A childhood friend and I called that feeling, the whippersnapper complex. She had blown off her senior year and ended up at
UMASS for a year. My godmother asked after her, saying to me, "Whatever happened to that Eliza Minot? She was always such a whippersnapper!" I relayed the question to Eliza, and she rolled her eyes as she guiltily exhaled her cigarette. (She's a successful author and a mother of 4, so it's all gone just fine, Aunt Maryanne)

In the office, I made a patronizing clucking sound as I was saying, "Oh that makes me sad! Ryan shouldn't feel bad!" After that conversation, I threw some pots and shipped an order musing to myself that I'd forgotten how it feels to have high expectations for oneself. I was in denial. I don't feel too bad about playing a bad game of pool, but I'd be lying if I said I'd outgrown the whippersnapper complex.

I recently made 24 cups for a cafe in my neighborhood.
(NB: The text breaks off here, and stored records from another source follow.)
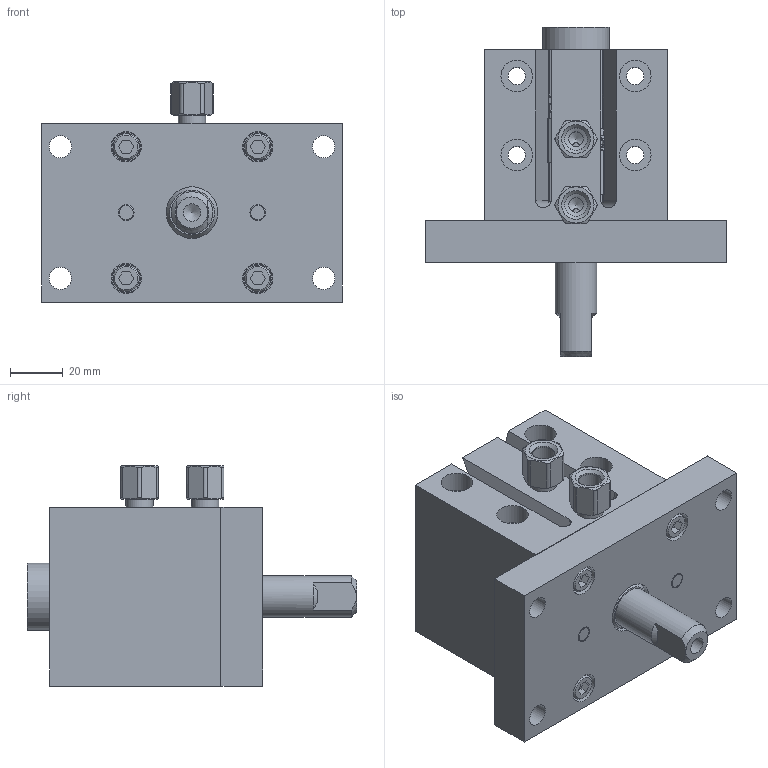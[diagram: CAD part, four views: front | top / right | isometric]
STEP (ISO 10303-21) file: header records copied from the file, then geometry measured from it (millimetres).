
FILE_DESCRIPTION(/* description */ ('PNEUMATIC PASS THRU GROUND UNIT'),/* implementation_level */ '2;1');
FILE_NAME(/* name */ 'C:\Vault Workspace\CAD\Welker\Cylinders\GBP\GBP0N.stp',/* time_stamp */ '2021-06-24T14:00:25-04:00',/* author */ ('KPL'),/* organization */ (''),/* preprocessor_version */ 'ST-DEVELOPER v18.1',/* originating_system */ 'Autodesk Inventor 2020',/* authorisation */ '');
FILE_SCHEMA (('AUTOMOTIVE_DESIGN { 1 0 10303 214 3 1 1 }'));
Products named in the file (11): GBPL01; 6mmX25 ; M6X1-20 SHCS; NL6; WBB1222823; L3 Sensor 1; GBPE01; GBPE02; GBPE03; AN-09U2145; AN-03U2145
Assembly tree (19 placements, depth 2):
  GBPL01
    6mmX25   x2
    M6X1-20 SHCS  x4
    NL6  x4
    WBB1222823  x2
    L3 Sensor 1  x2
    GBPE01
    GBPE02
    GBPE03
    AN-09U2145
    AN-03U2145
Bounding box: 114.3 x 125 x 83.65 mm (x, y, z)
Volume: 381821.7 mm3; surface area: 93481.8 mm2
Topology: 19 solids, 19 shells, 556 faces, 1460 edges, 980 vertices
Faces by surface type: plane 338, cylinder 157, cone 51, torus 8, sphere 2
Full cylindrical faces by diameter (mm): 2.5 x2, 2.9 x2, 4.917 x4, 5.588 x2, 6 x10, 6.5 x8, 6.647 x5, 7.95 x2, 8 x2, 8.5 x4, 8.611 x2, 10 x4, 10.389 x2, 10.8 x4, 11.5 x4, 12 x4, 13.335 x1, 14.935 x2, 15.875 x4, 15.951 x2, 16.129 x1, 19.609 x1, 22.022 x1, 22.225 x1, 22.479 x2, 25.4 x1, 26.162 x1, 28.55 x1, 29.159 x1, 31.75 x3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
Entity records: 11849 total; most frequent: CARTESIAN_POINT 2252, DIRECTION 1991, ORIENTED_EDGE 1810, EDGE_CURVE 905, AXIS2_PLACEMENT_3D 755, VERTEX_POINT 627, LINE 481, VECTOR 481

I had to get them done in a short time. I can make a cup in 5 minutes, so I wasn't too worried, but they came out craptastic. Haven't I been making pottery too long to have stuff look that bad? I shamefully delivered them for opening day and then brooded all weekend until I came upon the crazy, novel idea of re-making them. I couldn't bear continuing to define myself as a maker of gorgeous cups knowing 5 blocks away there's proof to the contrary.

It's the self-definition part that brings on the angst. I also define myself as someone who has babies easily, happily, and with little physical repercussions. A baby ago, however, I had a horrible miscarriage. Tim and I had cockily been telling everyone early in the pregnancy, and I lost the baby. Nothing has undermined my confidence, faith and optimism more profoundly than that loss. In my mind EVERYTHING from that day forward was going to fail. The mental floodgates were open to disease, bankruptcy, death and all of the horrible things that happened to other people.

Meanwhile Ryan, being 21, probably forwent the beef and beer for a shower and a date. After 4 hours in 90 degree weather drinking with a bunch of Canadians, who's going to want to stick around for another 4 hours? The Canadians are known for long toasts, drunken singing of partial songs and weepy hugs...my kind of party.